[Excerpts from a dataset]
——

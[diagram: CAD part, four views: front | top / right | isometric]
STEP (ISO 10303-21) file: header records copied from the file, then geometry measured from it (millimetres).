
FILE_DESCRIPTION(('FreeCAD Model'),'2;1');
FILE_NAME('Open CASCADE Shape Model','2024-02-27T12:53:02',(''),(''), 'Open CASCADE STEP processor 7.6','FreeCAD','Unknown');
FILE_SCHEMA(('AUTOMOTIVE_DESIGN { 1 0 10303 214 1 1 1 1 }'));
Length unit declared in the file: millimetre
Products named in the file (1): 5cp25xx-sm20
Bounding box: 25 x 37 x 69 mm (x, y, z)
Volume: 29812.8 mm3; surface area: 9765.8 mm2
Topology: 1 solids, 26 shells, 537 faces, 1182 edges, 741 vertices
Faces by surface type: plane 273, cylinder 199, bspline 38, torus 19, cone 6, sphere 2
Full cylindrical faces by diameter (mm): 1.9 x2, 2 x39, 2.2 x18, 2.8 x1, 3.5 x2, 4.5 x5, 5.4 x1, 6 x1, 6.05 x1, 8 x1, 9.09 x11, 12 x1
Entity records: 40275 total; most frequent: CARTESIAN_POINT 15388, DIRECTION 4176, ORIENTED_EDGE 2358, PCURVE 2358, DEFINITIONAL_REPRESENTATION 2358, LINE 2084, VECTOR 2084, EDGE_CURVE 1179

——

**INSTRUCTIONS TO FOLLOW**
Transcribe every entry exactly, omitting nothing.

**RESPONSE**
[diagram: CAD part, four views: front | top / right | isometric]
STEP (ISO 10303-21) file: header records copied from the file, then geometry measured from it (millimetres).
FILE_DESCRIPTION(('FreeCAD Model'),'2;1');
FILE_NAME('Open CASCADE Shape Model','2024-02-27T12:53:02',(''),(''), 'Open CASCADE STEP processor 7.6','FreeCAD','Unknown');
FILE_SCHEMA(('AUTOMOTIVE_DESIGN { 1 0 10303 214 1 1 1 1 }'));
Length unit declared in the file: millimetre
Products named in the file (1): 5cp25xx-sm20
Bounding box: 25 x 37 x 69 mm (x, y, z)
Volume: 29812.8 mm3; surface area: 9765.8 mm2
Topology: 1 solids, 26 shells, 537 faces, 1182 edges, 741 vertices
Faces by surface type: plane 273, cylinder 199, bspline 38, torus 19, cone 6, sphere 2
Full cylindrical faces by diameter (mm): 1.9 x2, 2 x39, 2.2 x18, 2.8 x1, 3.5 x2, 4.5 x5, 5.4 x1, 6 x1, 6.05 x1, 8 x1, 9.09 x11, 12 x1
Entity records: 40275 total; most frequent: CARTESIAN_POINT 15388, DIRECTION 4176, ORIENTED_EDGE 2358, PCURVE 2358, DEFINITIONAL_REPRESENTATION 2358, LINE 2084, VECTOR 2084, EDGE_CURVE 1179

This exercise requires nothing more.